- Your instructions: Copy the data exactly. Leave nothing out.

- Data for analysis:
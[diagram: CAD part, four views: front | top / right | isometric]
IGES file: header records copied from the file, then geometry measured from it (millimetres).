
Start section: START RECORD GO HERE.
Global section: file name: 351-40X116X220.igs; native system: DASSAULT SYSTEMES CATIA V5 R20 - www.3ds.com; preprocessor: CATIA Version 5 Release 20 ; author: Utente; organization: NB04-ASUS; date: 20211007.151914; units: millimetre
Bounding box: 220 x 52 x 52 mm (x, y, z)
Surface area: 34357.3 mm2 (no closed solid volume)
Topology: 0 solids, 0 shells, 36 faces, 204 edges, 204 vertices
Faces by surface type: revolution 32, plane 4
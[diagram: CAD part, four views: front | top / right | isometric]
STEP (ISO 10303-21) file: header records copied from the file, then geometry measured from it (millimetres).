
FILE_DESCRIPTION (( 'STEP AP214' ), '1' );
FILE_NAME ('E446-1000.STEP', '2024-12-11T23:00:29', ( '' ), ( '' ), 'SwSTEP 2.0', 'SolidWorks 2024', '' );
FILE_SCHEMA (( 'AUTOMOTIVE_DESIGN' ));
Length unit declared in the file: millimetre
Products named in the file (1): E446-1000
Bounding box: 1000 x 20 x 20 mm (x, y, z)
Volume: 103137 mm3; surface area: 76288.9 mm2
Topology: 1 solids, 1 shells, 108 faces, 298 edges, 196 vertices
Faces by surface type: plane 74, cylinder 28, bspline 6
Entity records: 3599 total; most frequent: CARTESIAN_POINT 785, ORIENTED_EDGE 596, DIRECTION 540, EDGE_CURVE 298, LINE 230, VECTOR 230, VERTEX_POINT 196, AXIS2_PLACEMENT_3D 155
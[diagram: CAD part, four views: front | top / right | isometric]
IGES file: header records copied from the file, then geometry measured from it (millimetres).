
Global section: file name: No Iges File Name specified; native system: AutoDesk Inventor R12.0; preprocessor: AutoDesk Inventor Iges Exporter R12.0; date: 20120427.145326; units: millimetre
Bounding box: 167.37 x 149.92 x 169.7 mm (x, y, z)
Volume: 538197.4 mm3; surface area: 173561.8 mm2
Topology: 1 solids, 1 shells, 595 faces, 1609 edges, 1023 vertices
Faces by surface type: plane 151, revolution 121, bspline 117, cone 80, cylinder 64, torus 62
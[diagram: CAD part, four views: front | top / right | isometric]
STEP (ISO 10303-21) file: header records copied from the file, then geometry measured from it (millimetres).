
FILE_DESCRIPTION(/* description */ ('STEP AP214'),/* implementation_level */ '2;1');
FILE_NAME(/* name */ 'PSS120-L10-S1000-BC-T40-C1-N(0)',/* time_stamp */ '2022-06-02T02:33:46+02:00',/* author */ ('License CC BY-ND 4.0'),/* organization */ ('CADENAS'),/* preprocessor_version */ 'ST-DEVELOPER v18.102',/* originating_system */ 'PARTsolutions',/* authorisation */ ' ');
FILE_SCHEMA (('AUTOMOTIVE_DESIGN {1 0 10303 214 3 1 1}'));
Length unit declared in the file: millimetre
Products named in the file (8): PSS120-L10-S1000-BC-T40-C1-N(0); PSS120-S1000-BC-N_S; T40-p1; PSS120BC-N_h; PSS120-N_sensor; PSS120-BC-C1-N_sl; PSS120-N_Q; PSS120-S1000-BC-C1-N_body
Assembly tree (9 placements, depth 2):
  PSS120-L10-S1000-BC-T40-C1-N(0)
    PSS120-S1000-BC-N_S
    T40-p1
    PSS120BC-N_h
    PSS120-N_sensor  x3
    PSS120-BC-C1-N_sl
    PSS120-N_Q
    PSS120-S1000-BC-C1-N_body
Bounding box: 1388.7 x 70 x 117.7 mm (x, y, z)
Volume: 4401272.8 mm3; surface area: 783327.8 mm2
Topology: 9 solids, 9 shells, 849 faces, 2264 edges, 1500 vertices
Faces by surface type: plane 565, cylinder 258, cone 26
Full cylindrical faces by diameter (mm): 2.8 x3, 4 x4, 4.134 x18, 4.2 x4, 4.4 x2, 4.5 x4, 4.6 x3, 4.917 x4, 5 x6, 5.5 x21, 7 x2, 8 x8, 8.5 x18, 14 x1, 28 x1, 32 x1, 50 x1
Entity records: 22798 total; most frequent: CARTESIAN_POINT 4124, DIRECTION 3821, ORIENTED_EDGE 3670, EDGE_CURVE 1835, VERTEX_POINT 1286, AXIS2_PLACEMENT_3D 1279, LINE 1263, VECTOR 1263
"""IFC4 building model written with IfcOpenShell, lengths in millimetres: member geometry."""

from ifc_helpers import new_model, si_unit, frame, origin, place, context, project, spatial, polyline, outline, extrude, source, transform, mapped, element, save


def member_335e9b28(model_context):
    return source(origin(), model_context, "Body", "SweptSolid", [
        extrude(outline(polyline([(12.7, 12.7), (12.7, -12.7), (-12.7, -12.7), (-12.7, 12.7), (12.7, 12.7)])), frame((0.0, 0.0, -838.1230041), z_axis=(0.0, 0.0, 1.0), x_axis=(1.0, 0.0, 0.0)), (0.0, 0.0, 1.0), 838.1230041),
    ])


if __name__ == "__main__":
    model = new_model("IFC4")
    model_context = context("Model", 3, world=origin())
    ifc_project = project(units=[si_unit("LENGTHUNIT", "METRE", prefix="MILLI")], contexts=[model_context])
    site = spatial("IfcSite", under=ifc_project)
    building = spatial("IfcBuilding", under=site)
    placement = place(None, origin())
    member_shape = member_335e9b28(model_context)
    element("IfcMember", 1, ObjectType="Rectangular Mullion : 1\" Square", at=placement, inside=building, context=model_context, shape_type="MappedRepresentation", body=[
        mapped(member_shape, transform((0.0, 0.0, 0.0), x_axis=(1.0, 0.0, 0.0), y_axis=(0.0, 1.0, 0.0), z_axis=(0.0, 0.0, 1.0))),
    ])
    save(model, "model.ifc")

- Result for this task:
[diagram: CAD part, four views: front | top / right | isometric]
IGES file: header records copied from the file, then geometry measured from it (millimetres).
Start section: START RECORD GO HERE.
Global section: file name: 351-40X116X220.igs; native system: DASSAULT SYSTEMES CATIA V5 R20 - www.3ds.com; preprocessor: CATIA Version 5 Release 20 ; author: Utente; organization: NB04-ASUS; date: 20211007.151914; units: millimetre
Bounding box: 220 x 52 x 52 mm (x, y, z)
Surface area: 34357.3 mm2 (no closed solid volume)
Topology: 0 solids, 0 shells, 36 faces, 204 edges, 204 vertices
Faces by surface type: revolution 32, plane 4
[diagram: CAD part, four views: front | top / right | isometric]
STEP (ISO 10303-21) file: header records copied from the file, then geometry measured from it (millimetres).
FILE_DESCRIPTION (( 'STEP AP214' ), '1' );
FILE_NAME ('E446-1000.STEP', '2024-12-11T23:00:29', ( '' ), ( '' ), 'SwSTEP 2.0', 'SolidWorks 2024', '' );
FILE_SCHEMA (( 'AUTOMOTIVE_DESIGN' ));
Length unit declared in the file: millimetre
Products named in the file (1): E446-1000
Bounding box: 1000 x 20 x 20 mm (x, y, z)
Volume: 103137 mm3; surface area: 76288.9 mm2
Topology: 1 solids, 1 shells, 108 faces, 298 edges, 196 vertices
Faces by surface type: plane 74, cylinder 28, bspline 6
Entity records: 3599 total; most frequent: CARTESIAN_POINT 785, ORIENTED_EDGE 596, DIRECTION 540, EDGE_CURVE 298, LINE 230, VECTOR 230, VERTEX_POINT 196, AXIS2_PLACEMENT_3D 155
[diagram: CAD part, four views: front | top / right | isometric]
IGES file: header records copied from the file, then geometry measured from it (millimetres).
Global section: file name: No Iges File Name specified; native system: AutoDesk Inventor R12.0; preprocessor: AutoDesk Inventor Iges Exporter R12.0; date: 20120427.145326; units: millimetre
Bounding box: 167.37 x 149.92 x 169.7 mm (x, y, z)
Volume: 538197.4 mm3; surface area: 173561.8 mm2
Topology: 1 solids, 1 shells, 595 faces, 1609 edges, 1023 vertices
Faces by surface type: plane 151, revolution 121, bspline 117, cone 80, cylinder 64, torus 62
[diagram: CAD part, four views: front | top / right | isometric]
STEP (ISO 10303-21) file: header records copied from the file, then geometry measured from it (millimetres).
FILE_DESCRIPTION(/* description */ ('STEP AP214'),/* implementation_level */ '2;1');
FILE_NAME(/* name */ 'PSS120-L10-S1000-BC-T40-C1-N(0)',/* time_stamp */ '2022-06-02T02:33:46+02:00',/* author */ ('License CC BY-ND 4.0'),/* organization */ ('CADENAS'),/* preprocessor_version */ 'ST-DEVELOPER v18.102',/* originating_system */ 'PARTsolutions',/* authorisation */ ' ');
FILE_SCHEMA (('AUTOMOTIVE_DESIGN {1 0 10303 214 3 1 1}'));
Length unit declared in the file: millimetre
Products named in the file (8): PSS120-L10-S1000-BC-T40-C1-N(0); PSS120-S1000-BC-N_S; T40-p1; PSS120BC-N_h; PSS120-N_sensor; PSS120-BC-C1-N_sl; PSS120-N_Q; PSS120-S1000-BC-C1-N_body
Assembly tree (9 placements, depth 2):
  PSS120-L10-S1000-BC-T40-C1-N(0)
    PSS120-S1000-BC-N_S
    T40-p1
    PSS120BC-N_h
    PSS120-N_sensor  x3
    PSS120-BC-C1-N_sl
    PSS120-N_Q
    PSS120-S1000-BC-C1-N_body
Bounding box: 1388.7 x 70 x 117.7 mm (x, y, z)
Volume: 4401272.8 mm3; surface area: 783327.8 mm2
Topology: 9 solids, 9 shells, 849 faces, 2264 edges, 1500 vertices
Faces by surface type: plane 565, cylinder 258, cone 26
Full cylindrical faces by diameter (mm): 2.8 x3, 4 x4, 4.134 x18, 4.2 x4, 4.4 x2, 4.5 x4, 4.6 x3, 4.917 x4, 5 x6, 5.5 x21, 7 x2, 8 x8, 8.5 x18, 14 x1, 28 x1, 32 x1, 50 x1
Entity records: 22798 total; most frequent: CARTESIAN_POINT 4124, DIRECTION 3821, ORIENTED_EDGE 3670, EDGE_CURVE 1835, VERTEX_POINT 1286, AXIS2_PLACEMENT_3D 1279, LINE 1263, VECTOR 1263
"""IFC4 building model written with IfcOpenShell, lengths in millimetres: member geometry."""

from ifc_helpers import new_model, si_unit, frame, origin, place, context, project, spatial, polyline, outline, extrude, source, transform, mapped, element, save


def member_335e9b28(model_context):
    return source(origin(), model_context, "Body", "SweptSolid", [
        extrude(outline(polyline([(12.7, 12.7), (12.7, -12.7), (-12.7, -12.7), (-12.7, 12.7), (12.7, 12.7)])), frame((0.0, 0.0, -838.1230041), z_axis=(0.0, 0.0, 1.0), x_axis=(1.0, 0.0, 0.0)), (0.0, 0.0, 1.0), 838.1230041),
    ])


if __name__ == "__main__":
    model = new_model("IFC4")
    model_context = context("Model", 3, world=origin())
    ifc_project = project(units=[si_unit("LENGTHUNIT", "METRE", prefix="MILLI")], contexts=[model_context])
    site = spatial("IfcSite", under=ifc_project)
    building = spatial("IfcBuilding", under=site)
    placement = place(None, origin())
    member_shape = member_335e9b28(model_context)
    element("IfcMember", 1, ObjectType="Rectangular Mullion : 1\" Square", at=placement, inside=building, context=model_context, shape_type="MappedRepresentation", body=[
        mapped(member_shape, transform((0.0, 0.0, 0.0), x_axis=(1.0, 0.0, 0.0), y_axis=(0.0, 1.0, 0.0), z_axis=(0.0, 0.0, 1.0))),
    ])
    save(model, "model.ifc")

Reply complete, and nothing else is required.